Chi deve fare il tampone?
“Chiunque sia stato a contatto con una persona risultata positiva, anche se la persona positiva è asintomatica e si è asintomatici a propria volta. E naturalmente chi sa di aver avuto comportamenti a rischio e presenta sintomi “strani”, che sono perdita del senso dell’olfatto e del gusto, febbre anche più bassa di 38 gradi, un po’ di tosse”.
Sebbene meno che nelle settimane passate, ancora oggi molti ragazzi dicono “tanto, pure se mi prendo il coronavirus, non mi succede niente”. Ma non è così…
“No, non è così. Un’infezione virale di questo tipo può lasciare strascichi per diverse settimane: per esempio una miastenia, ovvero un senso di intensa e costante stanchezza. Una infiammazione a livello cardiologico. Può durare a lungo anche l’assenza del senso di gusto e olfatto, che secondo uno studio irlandese è frequente soprattutto nei giovani. Parliamo di effetti transitori, ma comunque di disagi. E di disagi evitabili. Noi non sappiamo cosa questo virus lascia in eredità una volta passata l’infezione, anche se lo si incontra a 20 anni”.
Quindi le regole di comportamento vanno rispettate non soltanto per un senso di altruismo nei confronti di genitori e nonni (il che sarebbe per altro giusto, e anche sufficiente). Ma pure, più egoisticamente, per se stessi
“Mettere in atto i comportamenti adeguati di protezione dall’infezione da coronavirus significa proteggere anche se stessi. Certamente. In ogni caso essere davvero maturi vuol dire tenere in conto la propria salute e quella delle persone a cui si vuole bene: genitori, nonni, parenti anziani. Che col Sars-cov-2 rischiano di più”.
Torniamo al tampone: cosa fare in caso di sintomi o di contatto con un positivo al Covid, o se si ritorna da zone ritenute pericolose?
“Bisogna avvisare la Asl di competenza che indirizza al centro o al drive in dove recarsi per sottoporsi al test. Chi torna in aereo da zone a rischio può trovare in aeroporto personale che effettua il test, ma oggi non tutti gli aeroporti sono attrezzati per questo. Va detto che molti ragazzi stanno chiedendo il test, c’è una consapevolezza e maturità , anche se acquisita in ritardo”
Infine, cose fare se il tampone è positivo?
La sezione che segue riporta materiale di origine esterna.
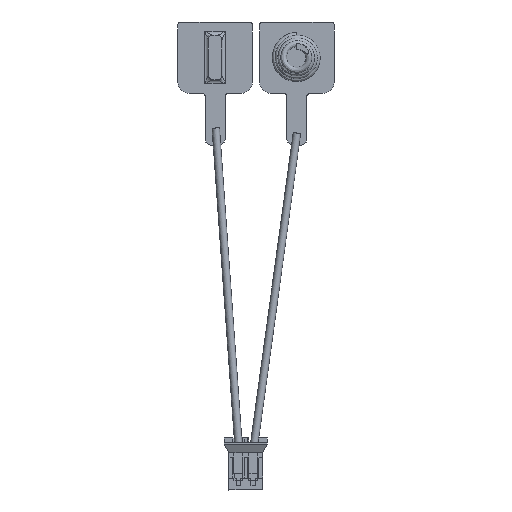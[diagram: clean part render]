
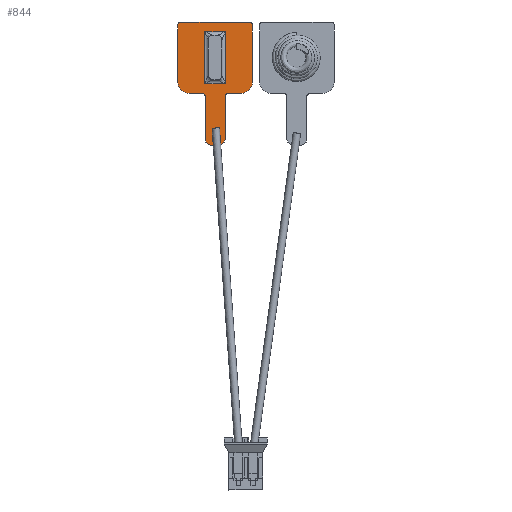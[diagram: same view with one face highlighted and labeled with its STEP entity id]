
A CAD part, front view. The second image highlights one B-rep face of the part: STEP entity #844.
In plain terms, the highlighted planar face has unit normal (0, -1, 0).
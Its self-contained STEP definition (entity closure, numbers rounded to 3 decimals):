
#355=CARTESIAN_POINT('',(-4.6,0.,4.4));
#356=DIRECTION('',(0.,-1.,0.));
#357=DIRECTION('',(0.,0.,1.));
#358=AXIS2_PLACEMENT_3D('',#355,#356,#357);
#360=DIRECTION('',(1.,0.,0.));
#361=VECTOR('',#360,9.2);
#362=CARTESIAN_POINT('',(-4.6,0.,4.8));
#363=LINE('',#362,#361);
#364=CARTESIAN_POINT('',(4.6,0.,4.4));
#365=DIRECTION('',(0.,-1.,0.));
#366=DIRECTION('',(1.,0.,0.));
#367=AXIS2_PLACEMENT_3D('',#364,#365,#366);
#369=DIRECTION('',(0.,0.,-1.));
#370=VECTOR('',#369,7.7);
#371=CARTESIAN_POINT('',(5.,0.,4.4));
#372=LINE('',#371,#370);
#373=CARTESIAN_POINT('',(3.5,0.,-3.3));
#374=DIRECTION('',(0.,-1.,0.));
#375=DIRECTION('',(0.,0.,-1.));
#376=AXIS2_PLACEMENT_3D('',#373,#374,#375);
#378=DIRECTION('',(-1.,0.,0.));
#379=VECTOR('',#378,1.75);
#380=CARTESIAN_POINT('',(3.5,0.,-4.8));
#381=LINE('',#380,#379);
#382=DIRECTION('',(0.,0.,-1.));
#383=VECTOR('',#382,5.7);
#384=CARTESIAN_POINT('',(1.35,0.,-5.2));
#385=LINE('',#384,#383);
#386=CARTESIAN_POINT('',(0.45,0.,-10.9));
#387=DIRECTION('',(0.,-1.,0.));
#388=DIRECTION('',(0.,0.,-1.));
#389=AXIS2_PLACEMENT_3D('',#386,#387,#388);
#391=DIRECTION('',(-1.,0.,0.));
#392=VECTOR('',#391,0.9);
#393=CARTESIAN_POINT('',(0.45,0.,-11.8));
#394=LINE('',#393,#392);
#395=CARTESIAN_POINT('',(-0.45,0.,-10.9));
#396=DIRECTION('',(0.,-1.,0.));
#397=DIRECTION('',(-1.,0.,0.));
#398=AXIS2_PLACEMENT_3D('',#395,#396,#397);
#400=DIRECTION('',(0.,0.,1.));
#401=VECTOR('',#400,5.7);
#402=CARTESIAN_POINT('',(-1.35,0.,-10.9));
#403=LINE('',#402,#401);
#404=DIRECTION('',(-1.,0.,0.));
#405=VECTOR('',#404,1.75);
#406=CARTESIAN_POINT('',(-1.75,0.,-4.8));
#407=LINE('',#406,#405);
#408=CARTESIAN_POINT('',(-3.5,0.,-3.3));
#409=DIRECTION('',(0.,-1.,0.));
#410=DIRECTION('',(-1.,0.,0.));
#411=AXIS2_PLACEMENT_3D('',#408,#409,#410);
#413=DIRECTION('',(0.,0.,1.));
#414=VECTOR('',#413,7.7);
#415=CARTESIAN_POINT('',(-5.,0.,-3.3));
#416=LINE('',#415,#414);
#417=DIRECTION('',(0.,0.,1.));
#418=VECTOR('',#417,7.);
#419=CARTESIAN_POINT('',(1.4,0.,-3.5));
#420=LINE('',#419,#418);
#421=DIRECTION('',(-1.,0.,0.));
#422=VECTOR('',#421,2.8);
#423=CARTESIAN_POINT('',(1.4,0.,3.5));
#424=LINE('',#423,#422);
#425=DIRECTION('',(0.,0.,-1.));
#426=VECTOR('',#425,7.);
#427=CARTESIAN_POINT('',(-1.4,0.,3.5));
#428=LINE('',#427,#426);
#429=DIRECTION('',(1.,0.,0.));
#430=VECTOR('',#429,2.8);
#431=CARTESIAN_POINT('',(-1.4,0.,-3.5));
#432=LINE('',#431,#430);
#449=CARTESIAN_POINT('',(-1.75,0.,-5.2));
#450=DIRECTION('',(0.,1.,0.));
#451=DIRECTION('',(0.,0.,1.));
#452=AXIS2_PLACEMENT_3D('',#449,#450,#451);
#483=CARTESIAN_POINT('',(1.75,0.,-5.2));
#484=DIRECTION('',(0.,1.,0.));
#485=DIRECTION('',(-1.,0.,0.));
#486=AXIS2_PLACEMENT_3D('',#483,#484,#485);
#589=CARTESIAN_POINT('',(1.4,0.,-3.5));
#661=CARTESIAN_POINT('',(-1.4,0.,-3.5));
#685=CARTESIAN_POINT('',(-1.4,0.,3.5));
#697=CARTESIAN_POINT('',(1.4,0.,3.5));
#711=CARTESIAN_POINT('',(-1.75,0.,-4.8));
#713=VERTEX_POINT('',#711);
#715=CARTESIAN_POINT('',(-1.35,0.,-5.2));
#717=VERTEX_POINT('',#715);
#719=CARTESIAN_POINT('',(1.35,0.,-5.2));
#721=VERTEX_POINT('',#719);
#723=CARTESIAN_POINT('',(1.75,0.,-4.8));
#725=VERTEX_POINT('',#723);
#727=CARTESIAN_POINT('',(-4.6,0.,4.8));
#728=CARTESIAN_POINT('',(-5.,0.,4.4));
#729=VERTEX_POINT('',#727);
#730=VERTEX_POINT('',#728);
#735=CARTESIAN_POINT('',(5.,0.,4.4));
#736=CARTESIAN_POINT('',(4.6,0.,4.8));
#737=VERTEX_POINT('',#735);
#738=VERTEX_POINT('',#736);
#743=CARTESIAN_POINT('',(-5.,0.,-3.3));
#744=CARTESIAN_POINT('',(-3.5,0.,-4.8));
#745=VERTEX_POINT('',#743);
#746=VERTEX_POINT('',#744);
#751=CARTESIAN_POINT('',(3.5,0.,-4.8));
#752=CARTESIAN_POINT('',(5.,0.,-3.3));
#753=VERTEX_POINT('',#751);
#754=VERTEX_POINT('',#752);
#759=CARTESIAN_POINT('',(0.45,0.,-11.8));
#760=CARTESIAN_POINT('',(1.35,0.,-10.9));
#761=VERTEX_POINT('',#759);
#762=VERTEX_POINT('',#760);
#767=CARTESIAN_POINT('',(-1.35,0.,-10.9));
#768=CARTESIAN_POINT('',(-0.45,0.,-11.8));
#769=VERTEX_POINT('',#767);
#770=VERTEX_POINT('',#768);
#779=VERTEX_POINT('',#589);
#784=VERTEX_POINT('',#661);
#789=VERTEX_POINT('',#697);
#794=VERTEX_POINT('',#685);
#795=CARTESIAN_POINT('',(0.,0.,0.));
#796=DIRECTION('',(0.,1.,0.));
#797=DIRECTION('',(1.,0.,0.));
#798=AXIS2_PLACEMENT_3D('',#795,#796,#797);
#799=PLANE('',#798);
#801=ORIENTED_EDGE('',*,*,#800,.F.);
#803=ORIENTED_EDGE('',*,*,#802,.T.);
#805=ORIENTED_EDGE('',*,*,#804,.F.);
#807=ORIENTED_EDGE('',*,*,#806,.T.);
#809=ORIENTED_EDGE('',*,*,#808,.F.);
#811=ORIENTED_EDGE('',*,*,#810,.T.);
#813=ORIENTED_EDGE('',*,*,#812,.F.);
#815=ORIENTED_EDGE('',*,*,#814,.T.);
#817=ORIENTED_EDGE('',*,*,#816,.F.);
#819=ORIENTED_EDGE('',*,*,#818,.T.);
#821=ORIENTED_EDGE('',*,*,#820,.F.);
#823=ORIENTED_EDGE('',*,*,#822,.T.);
#825=ORIENTED_EDGE('',*,*,#824,.F.);
#827=ORIENTED_EDGE('',*,*,#826,.T.);
#829=ORIENTED_EDGE('',*,*,#828,.F.);
#831=ORIENTED_EDGE('',*,*,#830,.T.);
#832=EDGE_LOOP('',(#801,#803,#805,#807,#809,#811,#813,#815,#817,#819,#821,#823,
#825,#827,#829,#831));
#833=FACE_OUTER_BOUND('',#832,.F.);
#835=ORIENTED_EDGE('',*,*,#834,.T.);
#837=ORIENTED_EDGE('',*,*,#836,.T.);
#839=ORIENTED_EDGE('',*,*,#838,.T.);
#841=ORIENTED_EDGE('',*,*,#840,.T.);
#842=EDGE_LOOP('',(#835,#837,#839,#841));
#843=FACE_BOUND('',#842,.F.);
#844=ADVANCED_FACE('',(#833,#843),#799,.F.);
#359=CIRCLE('',#358,0.4);
#368=CIRCLE('',#367,0.4);
#377=CIRCLE('',#376,1.5);
#390=CIRCLE('',#389,0.9);
#399=CIRCLE('',#398,0.9);
#412=CIRCLE('',#411,1.5);
#453=CIRCLE('',#452,0.4);
#487=CIRCLE('',#486,0.4);
#800=EDGE_CURVE('',#729,#730,#359,.T.);
#802=EDGE_CURVE('',#729,#738,#363,.T.);
#804=EDGE_CURVE('',#737,#738,#368,.T.);
#806=EDGE_CURVE('',#737,#754,#372,.T.);
#808=EDGE_CURVE('',#753,#754,#377,.T.);
#810=EDGE_CURVE('',#753,#725,#381,.T.);
#812=EDGE_CURVE('',#721,#725,#487,.T.);
#814=EDGE_CURVE('',#721,#762,#385,.T.);
#816=EDGE_CURVE('',#761,#762,#390,.T.);
#818=EDGE_CURVE('',#761,#770,#394,.T.);
#820=EDGE_CURVE('',#769,#770,#399,.T.);
#822=EDGE_CURVE('',#769,#717,#403,.T.);
#824=EDGE_CURVE('',#713,#717,#453,.T.);
#826=EDGE_CURVE('',#713,#746,#407,.T.);
#828=EDGE_CURVE('',#745,#746,#412,.T.);
#830=EDGE_CURVE('',#745,#730,#416,.T.);
#834=EDGE_CURVE('',#779,#789,#420,.T.);
#836=EDGE_CURVE('',#789,#794,#424,.T.);
#838=EDGE_CURVE('',#794,#784,#428,.T.);
#840=EDGE_CURVE('',#784,#779,#432,.T.);
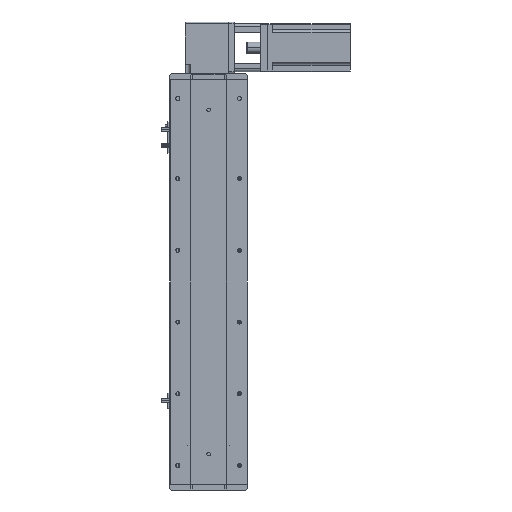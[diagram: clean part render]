
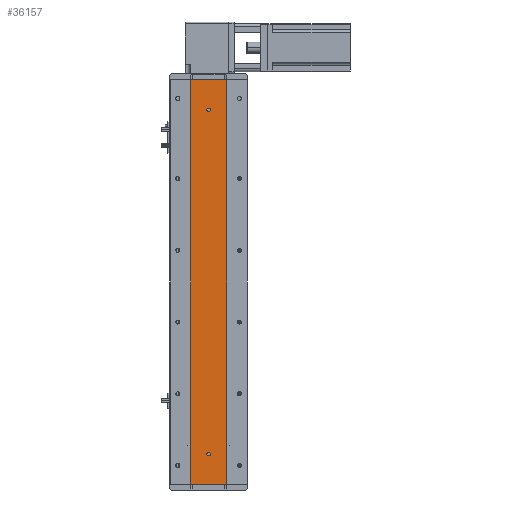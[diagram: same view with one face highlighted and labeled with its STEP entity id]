
A CAD part, left-side view. The second image highlights one B-rep face of the part: STEP entity #36157.
In plain terms, the highlighted planar face has unit normal (-1, 0, 0).
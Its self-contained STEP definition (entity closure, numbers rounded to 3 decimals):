
#264 = EDGE_CURVE ( 'NONE', #4326, #3149, #38840, .T. ) ;
#406 = ORIENTED_EDGE ( 'NONE', *, *, #26817, .F. ) ;
#504 = EDGE_LOOP ( 'NONE', ( #22581, #406, #22396, #41946 ) ) ;
#668 = CARTESIAN_POINT ( 'NONE',  ( -24.994, 29.785, 0. ) ) ;
#1151 = DIRECTION ( 'NONE',  ( -1., 0., 0. ) ) ;
#2402 = EDGE_LOOP ( 'NONE', ( #33251, #23206 ) ) ;
#3149 = VERTEX_POINT ( 'NONE', #23643 ) ;
#3379 = CARTESIAN_POINT ( 'NONE',  ( -24.994, 29.785, 676. ) ) ;
#3402 = VERTEX_POINT ( 'NONE', #22940 ) ;
#3581 = CARTESIAN_POINT ( 'NONE',  ( -24.994, -29.785, 0. ) ) ;
#3821 = DIRECTION ( 'NONE',  ( 0., -1., 0. ) ) ;
#4226 = DIRECTION ( 'NONE',  ( 0., -1., 0. ) ) ;
#4326 = VERTEX_POINT ( 'NONE', #3379 ) ;
#5146 = EDGE_CURVE ( 'NONE', #7724, #9732, #40790, .T. ) ;
#5769 = CIRCLE ( 'NONE', #41719, 3. ) ;
#6356 = DIRECTION ( 'NONE',  ( -1., 0., 0. ) ) ;
#7724 = VERTEX_POINT ( 'NONE', #35177 ) ;
#9516 = DIRECTION ( 'NONE',  ( 0., 0., -1. ) ) ;
#9732 = VERTEX_POINT ( 'NONE', #34942 ) ;
#10154 = DIRECTION ( 'NONE',  ( -1., 0., 0. ) ) ;
#13736 = EDGE_LOOP ( 'NONE', ( #31192, #28483 ) ) ;
#14223 = VECTOR ( 'NONE', #4226, 1000. ) ;
#15328 = VECTOR ( 'NONE', #20551, 1000. ) ;
#18440 = EDGE_CURVE ( 'NONE', #43915, #39263, #42543, .T. ) ;
#19241 = CARTESIAN_POINT ( 'NONE',  ( -24.994, 29.785, 676. ) ) ;
#20008 = VECTOR ( 'NONE', #3821, 1000. ) ;
#20324 = EDGE_CURVE ( 'NONE', #9732, #7724, #27851, .T. ) ;
#20365 = VERTEX_POINT ( 'NONE', #29465 ) ;
#20551 = DIRECTION ( 'NONE',  ( 0., 0., -1. ) ) ;
#21928 = LINE ( 'NONE', #30736, #40796 ) ;
#22292 = AXIS2_PLACEMENT_3D ( 'NONE', #22326, #1151, #25899 ) ;
#22326 = CARTESIAN_POINT ( 'NONE',  ( -24.994, 0., 50. ) ) ;
#22396 = ORIENTED_EDGE ( 'NONE', *, *, #264, .F. ) ;
#22581 = ORIENTED_EDGE ( 'NONE', *, *, #18440, .T. ) ;
#22810 = DIRECTION ( 'NONE',  ( 0., 0., -1. ) ) ;
#22940 = CARTESIAN_POINT ( 'NONE',  ( -24.994, 0., 623. ) ) ;
#23206 = ORIENTED_EDGE ( 'NONE', *, *, #5146, .F. ) ;
#23643 = CARTESIAN_POINT ( 'NONE',  ( -24.994, -29.785, 676. ) ) ;
#24753 = LINE ( 'NONE', #34662, #15328 ) ;
#25784 = EDGE_CURVE ( 'NONE', #4326, #43915, #21928, .T. ) ;
#25899 = DIRECTION ( 'NONE',  ( 0., 0., 1. ) ) ;
#26817 = EDGE_CURVE ( 'NONE', #3149, #39263, #24753, .T. ) ;
#26869 = EDGE_CURVE ( 'NONE', #20365, #3402, #43655, .T. ) ;
#27507 = CARTESIAN_POINT ( 'NONE',  ( -24.994, 0., 626. ) ) ;
#27851 = CIRCLE ( 'NONE', #22292, 3. ) ;
#28483 = ORIENTED_EDGE ( 'NONE', *, *, #43113, .F. ) ;
#28568 = DIRECTION ( 'NONE',  ( 0., 0., 1. ) ) ;
#29465 = CARTESIAN_POINT ( 'NONE',  ( -24.994, 0., 629. ) ) ;
#30736 = CARTESIAN_POINT ( 'NONE',  ( -24.994, 29.785, 676. ) ) ;
#30839 = FACE_OUTER_BOUND ( 'NONE', #504, .T. ) ;
#30893 = CARTESIAN_POINT ( 'NONE',  ( -24.994, 29.785, 676. ) ) ;
#31066 = DIRECTION ( 'NONE',  ( 0., 0., 1. ) ) ;
#31192 = ORIENTED_EDGE ( 'NONE', *, *, #26869, .F. ) ;
#31368 = CARTESIAN_POINT ( 'NONE',  ( -24.994, 0., 626. ) ) ;
#31933 = FACE_BOUND ( 'NONE', #2402, .T. ) ;
#33251 = ORIENTED_EDGE ( 'NONE', *, *, #20324, .F. ) ;
#34662 = CARTESIAN_POINT ( 'NONE',  ( -24.994, -29.785, 676. ) ) ;
#34942 = CARTESIAN_POINT ( 'NONE',  ( -24.994, 0., 53. ) ) ;
#34965 = DIRECTION ( 'NONE',  ( 0., 0., 1. ) ) ;
#35177 = CARTESIAN_POINT ( 'NONE',  ( -24.994, 0., 47. ) ) ;
#36157 = ADVANCED_FACE ( 'NONE', ( #40290, #31933, #30839 ), #40324, .F. ) ;
#38177 = AXIS2_PLACEMENT_3D ( 'NONE', #40502, #43007, #28568 ) ;
#38840 = LINE ( 'NONE', #30893, #20008 ) ;
#39263 = VERTEX_POINT ( 'NONE', #3581 ) ;
#39544 = CARTESIAN_POINT ( 'NONE',  ( -24.994, 29.785, 0. ) ) ;
#40290 = FACE_BOUND ( 'NONE', #13736, .T. ) ;
#40324 = PLANE ( 'NONE',  #44360 ) ;
#40502 = CARTESIAN_POINT ( 'NONE',  ( -24.994, 0., 50. ) ) ;
#40790 = CIRCLE ( 'NONE', #38177, 3. ) ;
#40796 = VECTOR ( 'NONE', #9516, 1000. ) ;
#41719 = AXIS2_PLACEMENT_3D ( 'NONE', #27507, #6356, #31066 ) ;
#41946 = ORIENTED_EDGE ( 'NONE', *, *, #25784, .T. ) ;
#42056 = AXIS2_PLACEMENT_3D ( 'NONE', #31368, #10154, #34965 ) ;
#42543 = LINE ( 'NONE', #668, #14223 ) ;
#43007 = DIRECTION ( 'NONE',  ( -1., 0., 0. ) ) ;
#43113 = EDGE_CURVE ( 'NONE', #3402, #20365, #5769, .T. ) ;
#43655 = CIRCLE ( 'NONE', #42056, 3. ) ;
#43915 = VERTEX_POINT ( 'NONE', #39544 ) ;
#44077 = DIRECTION ( 'NONE',  ( 1., 0., 0. ) ) ;
#44360 = AXIS2_PLACEMENT_3D ( 'NONE', #19241, #44077, #22810 ) ;

“Mettersi in quarantena per 14 giorni. Quarantena non significa prigione: non necessariamente bisogna stare chiusi in una stanza, ma indossare sempre la mascherina e naturalmente mettere in atto tutte le altre misure di protezione dal virus. Dopo due settimane si ripete il tampone: se è negativo si ripete dopo 48 ore, e se anche il secondo tampone è negativo si è liberi. Oggi ancora non sappiamo quanto dura l’immunità , ma certamente possiamo contare su uno-due mesi di mesi protezione”.
Se dovesse rivolgersi ai ragazzi direttamente cosa direbbe?
“Dimostrate di essere maturi, se a 18 anni si può votare e decidere chi ci governerà e amministrerà , anche voi direttamente potete decidere il vostro futuro e quello di chi avete intorno”.